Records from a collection
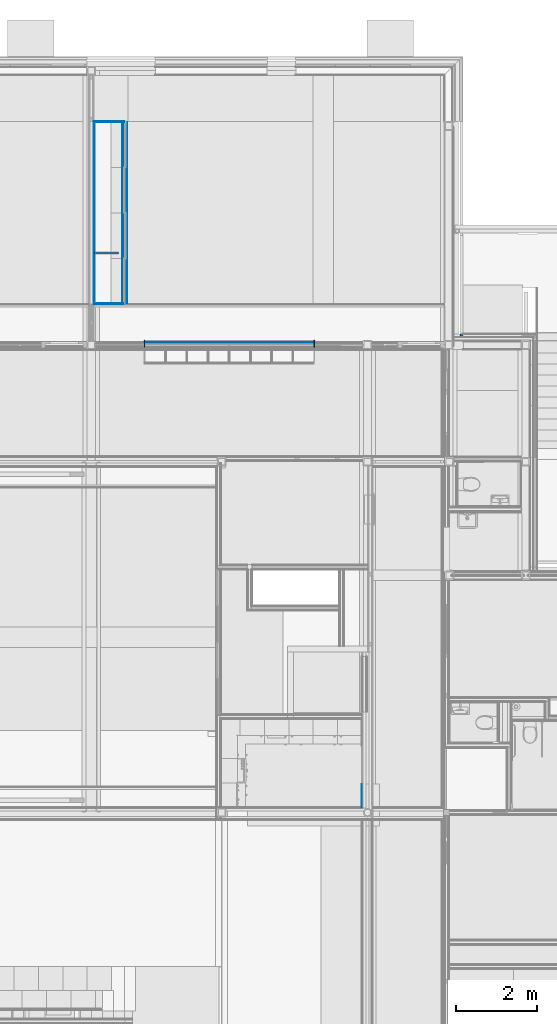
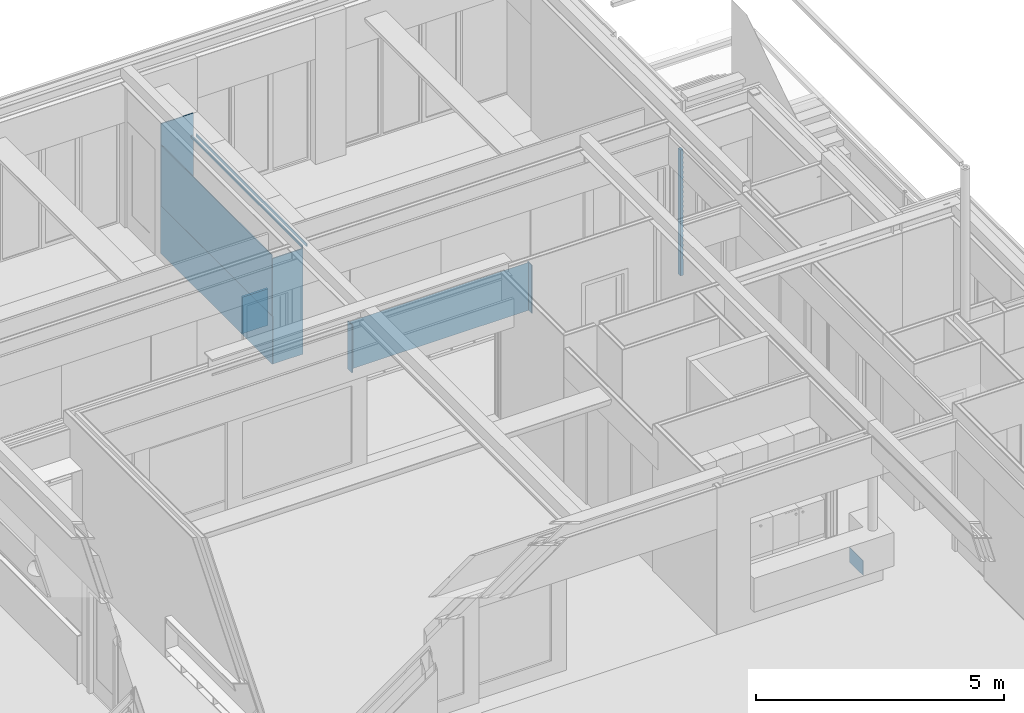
# One storey, part 26 of 165: 12 walls.
"""IFC2X3 building model written with IfcOpenShell, lengths in millimetres."""

import ifcopenshell
import ifcopenshell.guid

model = None  # the IFC model being written
_history = None  # IfcOwnerHistory: only IFC2X3 demands one
_inside = {}  # id of a spatial element -> (the spatial element, [elements in it])
_under = {}  # id of a project, library or spatial element -> (it, [spatial elements below it])
_declared = {}  # id of a project -> (the project, [libraries it declares])
_typed = {}  # id of a type object -> (the type object, [elements of that type])
_made_of = {}  # id of a material, layer set ... -> (it, [elements and type objects made of it])


def new_model(schema):
    """Start an empty IFC model of exactly this schema.

    Asked for "IFC4X3", IfcOpenShell would pick the latest addendum, in which some entities
    have other attributes; the version numbers below select the first issue.
    IFC2X3 requires an IfcOwnerHistory on every rooted entity: one is made here for all.
    """
    global model, _history
    if schema == "IFC4X3":
        model = ifcopenshell.file(schema_version=(4, 3, 0, 0))
    else:
        model = ifcopenshell.file(schema=schema)
    _inside.clear()
    _under.clear()
    _declared.clear()
    _typed.clear()
    _made_of.clear()
    _history = None
    if model.schema == "IFC2X3":
        org = make("IfcOrganization", Name="unknown")
        user = make(
            "IfcPersonAndOrganization",
            ThePerson=make("IfcPerson", FamilyName="unknown"),
            TheOrganization=org,
        )
        app = make(
            "IfcApplication",
            ApplicationDeveloper=org,
            Version="unknown",
            ApplicationFullName="unknown",
            ApplicationIdentifier="unknown",
        )
        _history = make(
            "IfcOwnerHistory",
            OwningUser=user,
            OwningApplication=app,
            ChangeAction="ADDED",
            CreationDate=0,
        )
    return model


def make(cls, **values):
    """One entity of the class cls with the attributes given. An attribute that is None is left unset."""
    return model.create_entity(
        cls, **{name: value for name, value in values.items() if value is not None}
    )


def entity(cls, *values):
    """Any entity or typed value of the class cls, its attributes in the order of the schema. None: left unset."""
    e = model.create_entity(cls)
    for i, value in enumerate(values):
        if value is not None:
            e[i] = value
    return e


def rooted(cls, **values):
    """An entity with a GlobalId (a new one), such as an element, a storey or a relation."""
    return make(cls, GlobalId=ifcopenshell.guid.new(), OwnerHistory=_history, **values)


def si_unit(unit_type, name, prefix=None):
    """IfcSIUnit, for example si_unit("LENGTHUNIT", "METRE", prefix="MILLI")."""
    return make("IfcSIUnit", UnitType=unit_type, Prefix=prefix, Name=name)


def converted_unit(unit_type, name, factor, base, dimensions=None, offset=None):
    """IfcConversionBasedUnit, such as the inch: factor (a typed value) times the base unit."""
    return make(
        "IfcConversionBasedUnit"
        if offset is None
        else "IfcConversionBasedUnitWithOffset",
        ConversionOffset=offset,
        Dimensions=None
        if dimensions is None
        else entity("IfcDimensionalExponents", *dimensions),
        UnitType=unit_type,
        Name=name,
        ConversionFactor=make(
            "IfcMeasureWithUnit", ValueComponent=factor, UnitComponent=base
        ),
    )


def derived_unit(unit_type, elements):
    """IfcDerivedUnit: a product of units, each with its exponent."""
    return make(
        "IfcDerivedUnit",
        Elements=[
            make("IfcDerivedUnitElement", Unit=unit, Exponent=power)
            for unit, power in elements
        ],
        UnitType=unit_type,
    )


def money_unit(currency):
    """IfcMonetaryUnit."""
    return make("IfcMonetaryUnit", Currency=currency)


def assignment(units):
    """IfcUnitAssignment: the units of a project."""
    return None if units is None else make("IfcUnitAssignment", Units=units)


def point(xyz):
    """IfcCartesianPoint."""
    return None if xyz is None else make("IfcCartesianPoint", Coordinates=xyz)


def direction(xyz):
    """IfcDirection."""
    return None if xyz is None else make("IfcDirection", DirectionRatios=xyz)


def frame(location, z_axis=None, x_axis=None):
    """IfcAxis2Placement3D, a coordinate frame: its origin and axes. An axis left out is left unset."""
    return make(
        "IfcAxis2Placement3D",
        Location=point(location),
        Axis=direction(z_axis),
        RefDirection=direction(x_axis),
    )


def origin_with_axes():
    """The frame at (0, 0, 0) with the z axis (0, 0, 1) and the x axis (1, 0, 0) written out."""
    return frame((0.0, 0.0, 0.0), z_axis=(0.0, 0.0, 1.0), x_axis=(1.0, 0.0, 0.0))


def place(relative_to, where):
    """IfcLocalPlacement: puts the frame where relative to a parent placement (None: the world)."""
    return make(
        "IfcLocalPlacement", PlacementRelTo=relative_to, RelativePlacement=where
    )


def context(
    kind, dimensions, precision=None, world=None, true_north=None, identifier=None
):
    """IfcGeometricRepresentationContext, for example the 3D "Model" context."""
    return make(
        "IfcGeometricRepresentationContext",
        ContextIdentifier=identifier,
        ContextType=kind,
        CoordinateSpaceDimension=dimensions,
        Precision=precision,
        WorldCoordinateSystem=world,
        TrueNorth=true_north,
    )


def subcontext(parent, identifier, kind, view, scale=None):
    """IfcGeometricRepresentationSubContext, for example "Body" below "Model"."""
    return make(
        "IfcGeometricRepresentationSubContext",
        ContextIdentifier=identifier,
        ContextType=kind,
        ParentContext=parent,
        TargetScale=scale,
        TargetView=view,
    )


def project(units=None, contexts=None):
    """IfcProject with its units and contexts."""
    return rooted(
        "IfcProject",
        Name="project",
        RepresentationContexts=contexts,
        UnitsInContext=assignment(units),
    )


def spatial(cls, under=None, at=None, **own):
    """A site, building, storey or space (cls), placed at a placement, below another one or the project."""
    s = rooted(cls, ObjectPlacement=at, **own)
    if under is not None:
        _under.setdefault(under.id(), (under, []))[1].append(s)
    return s


def faces_of(points, faces, orient=None, outer=None):
    """IfcFace entities. A face is a list of loops; a loop is a list of indices into points, from 0.

    orient and outer hold one flag for each loop. By default every Orientation is true, the
    first loop of a face is its IfcFaceOuterBound and the others are IfcFaceBound.
    """
    made = []
    for i, loops in enumerate(faces):
        bounds = []
        for j, loop in enumerate(loops):
            is_outer = j == 0 if outer is None else outer[i][j]
            bounds.append(
                make(
                    "IfcFaceOuterBound" if is_outer else "IfcFaceBound",
                    Bound=make("IfcPolyLoop", Polygon=[points[k] for k in loop]),
                    Orientation=True if orient is None else orient[i][j],
                )
            )
        made.append(make("IfcFace", Bounds=bounds))
    return made


def faceted_brep(points, faces, orient=None, outer=None, voids=None):
    """IfcFacetedBrep: a solid bounded by flat faces; with voids (closed shells), ...WithVoids."""
    shared = [point(p) for p in points]
    hull = make("IfcClosedShell", CfsFaces=faces_of(shared, faces, orient, outer))
    if voids is None:
        return make("IfcFacetedBrep", Outer=hull)
    return make(
        "IfcFacetedBrepWithVoids",
        Outer=hull,
        Voids=[
            make(cls, CfsFaces=faces_of(shared, fs, o, b)) for cls, fs, o, b in voids
        ],
    )


def shape(context_of_items, identifier, shape_type, items):
    """IfcShapeRepresentation: the items that make up one representation, for example the "Body"."""
    return make(
        "IfcShapeRepresentation",
        ContextOfItems=context_of_items,
        RepresentationIdentifier=identifier,
        RepresentationType=shape_type,
        Items=items,
    )


def material(Name=None, Category=None):
    """IfcMaterial."""
    return make("IfcMaterial", Name=Name, Category=Category)


def made_of(thing, what):
    """Note that an element or type object is made of a material, layer set ...; save() writes the relation."""
    if what is not None:
        _made_of.setdefault(what.id(), (what, []))[1].append(thing)
    return thing


def type_object(cls, material=None, **own):
    """A type object (cls), such as IfcWallType, which elements share."""
    return made_of(rooted(cls, **own), material)


def element(
    cls,
    number,
    at=None,
    inside=None,
    cuts=None,
    type_object=None,
    material=None,
    context=None,
    identifier="Body",
    shape_type=None,
    held_by="IfcProductDefinitionShape",
    body=None,
    shapes=None,
    **own,
):
    """One element of the class cls, such as IfcWall. Its Tag is "e" and its number.

    at: its placement. inside: the storey or other place that contains it. cuts: it is an
    opening in that element (IfcRelVoidsElement). A single representation is given by context,
    identifier, shape_type and body (its items); several are given by shapes. held_by: the class
    of the entity that holds the representations. save() writes the other relations.
    """
    e = rooted(cls, Tag="e%d" % number, ObjectPlacement=at, **own)
    if body is not None:
        shapes = [shape(context, identifier, shape_type, body)]
    if shapes is not None:
        e.Representation = make(held_by, Representations=shapes)
    if inside is not None:
        _inside.setdefault(inside.id(), (inside, []))[1].append(e)
    if cuts is not None:
        rooted(
            "IfcRelVoidsElement", RelatingBuildingElement=cuts, RelatedOpeningElement=e
        )
    if type_object is not None:
        _typed.setdefault(type_object.id(), (type_object, []))[1].append(e)
    return made_of(e, material)


def aggregate(whole, parts):
    """IfcRelAggregates: a whole, such as a stair, and the parts it consists of."""
    return rooted("IfcRelAggregates", RelatingObject=whole, RelatedObjects=parts)


def save(model, path):
    """Write the relations noted so far, then the file.

    IfcRelAggregates (storeys below a building ...), IfcRelContainedInSpatialStructure (elements
    in a storey), IfcRelDefinesByType, IfcRelAssociatesMaterial and IfcRelDeclares: one each for
    every whole, place, type object, material and project.
    """
    for whole, parts in _under.values():
        aggregate(whole, parts)
    for where, things in _inside.values():
        rooted(
            "IfcRelContainedInSpatialStructure",
            RelatedElements=things,
            RelatingStructure=where,
        )
    for kind, things in _typed.values():
        rooted("IfcRelDefinesByType", RelatedObjects=things, RelatingType=kind)
    for what, things in _made_of.values():
        rooted("IfcRelAssociatesMaterial", RelatedObjects=things, RelatingMaterial=what)
    for by, libraries in _declared.values():
        rooted("IfcRelDeclares", RelatingContext=by, RelatedDefinitions=libraries)
    model.write(path)


model = new_model("IFC2X3")

# Units and contexts
model_context = context("Model", 3, precision=0.01, world=origin_with_axes(), true_north=direction((0.0, 1.0)))
body_context = subcontext(model_context, "Body", "Model", "MODEL_VIEW")
ifc_project = project(units=[si_unit("LENGTHUNIT", "METRE", prefix="MILLI"), si_unit("AREAUNIT", "SQUARE_METRE"), si_unit("VOLUMEUNIT", "CUBIC_METRE"), converted_unit("PLANEANGLEUNIT", "DEGREE", entity("IfcPlaneAngleMeasure", 0.0174532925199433), si_unit("PLANEANGLEUNIT", "RADIAN"), dimensions=[0, 0, 0, 0, 0, 0, 0]), money_unit("EUR"), converted_unit("TIMEUNIT", "Year", entity("IfcTimeMeasure", 31556926.0), si_unit("TIMEUNIT", "SECOND"), dimensions=[0, 0, 1, 0, 0, 0, 0]), si_unit("MASSUNIT", "GRAM", prefix="KILO"), si_unit("THERMODYNAMICTEMPERATUREUNIT", "DEGREE_CELSIUS"), si_unit("LUMINOUSINTENSITYUNIT", "LUMEN"), si_unit("ENERGYUNIT", "JOULE", prefix="MEGA"), derived_unit("THERMALCONDUCTANCEUNIT", [(si_unit("POWERUNIT", "WATT"), 1), (si_unit("LENGTHUNIT", "METRE"), -1), (si_unit("THERMODYNAMICTEMPERATUREUNIT", "KELVIN"), -1)]), derived_unit("SPECIFICHEATCAPACITYUNIT", [(si_unit("ENERGYUNIT", "JOULE"), 1), (si_unit("MASSUNIT", "GRAM", prefix="KILO"), -1), (si_unit("THERMODYNAMICTEMPERATUREUNIT", "KELVIN"), -1)]), derived_unit("MASSDENSITYUNIT", [(si_unit("MASSUNIT", "GRAM", prefix="KILO"), 1), (si_unit("VOLUMEUNIT", "CUBIC_METRE"), -1)])], contexts=[model_context])

# Site, building, storey
site_placement = place(None, origin_with_axes())
site = spatial("IfcSite", under=ifc_project, at=site_placement, Name="Site", CompositionType="ELEMENT")
building_placement = place(site_placement, origin_with_axes())
building = spatial("IfcBuilding", under=site, at=building_placement, Name="Naam gebouw", CompositionType="ELEMENT")
storey_placement = place(building_placement, origin_with_axes())
storey = spatial("IfcBuildingStorey", under=building, at=storey_placement, Name="Begane grond", CompositionType="ELEMENT", Elevation=0.0)

# Walls
ifc_material_1 = material(Name="ALG - ALGEMEEN")
wall_type_1 = type_object("IfcWallType", Name="ALG - ALGEMEEN 5", PredefinedType="NOTDEFINED")
wall_1_placement = place(storey_placement, frame((24364.99907625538, 11504.9978722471, 2.000000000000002), z_axis=(0.0, 0.0, 1.0), x_axis=(0.0, -1.0, 0.0)))
element("IfcWall", 1, at=wall_1_placement, inside=storey, type_object=wall_type_1, material=ifc_material_1, Name="21_Wand-x", context=body_context, shape_type="Brep", body=[
    faceted_brep([(0.0, 0.0, 0.0), (0.0, -4.999999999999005, 0.0), (0.0, -4.999999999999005, 368.0), (0.0, 0.0, 368.0), (559.999058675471, 0.0, 0.0), (559.9990555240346, -4.999999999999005, 0.0), (559.9990555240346, -4.999999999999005, 368.0), (558.9972844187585, -4.999999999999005, 368.0), (559.999058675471, 0.0, 368.0)], [[[0, 1, 2, 3]], [[1, 0, 4, 5]], [[5, 6, 7, 2, 1]], [[7, 6, 8, 3, 2]], [[4, 0, 3, 8]], [[5, 4, 8, 6]]]),
])
ifc_material_2 = material(Name="Kurk")
wall_type_2 = type_object("IfcWallType", Name="Kurk 6", PredefinedType="NOTDEFINED")
wall_2_placement = place(storey_placement, frame((19019.99919486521, 22387.47926947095, 0.0), z_axis=(0.0, 0.0, 1.0), x_axis=(1.0, 0.0, 0.0)))
element("IfcWall", 2, at=wall_2_placement, inside=storey, type_object=wall_type_2, material=ifc_material_2, Name="21_Wand-x", context=body_context, shape_type="Brep", body=[
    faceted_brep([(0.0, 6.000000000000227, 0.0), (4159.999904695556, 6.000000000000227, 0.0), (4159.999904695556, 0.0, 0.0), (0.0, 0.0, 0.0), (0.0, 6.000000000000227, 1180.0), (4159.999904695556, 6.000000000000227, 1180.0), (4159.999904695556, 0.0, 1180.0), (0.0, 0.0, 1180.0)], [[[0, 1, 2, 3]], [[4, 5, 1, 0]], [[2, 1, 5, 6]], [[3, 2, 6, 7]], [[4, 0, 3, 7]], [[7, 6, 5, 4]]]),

• **TASK DIRECTIONS**
A single number is the whole answer: the tally of lines above that contain "GlobalId".

• **YOUR SOLUTION**
2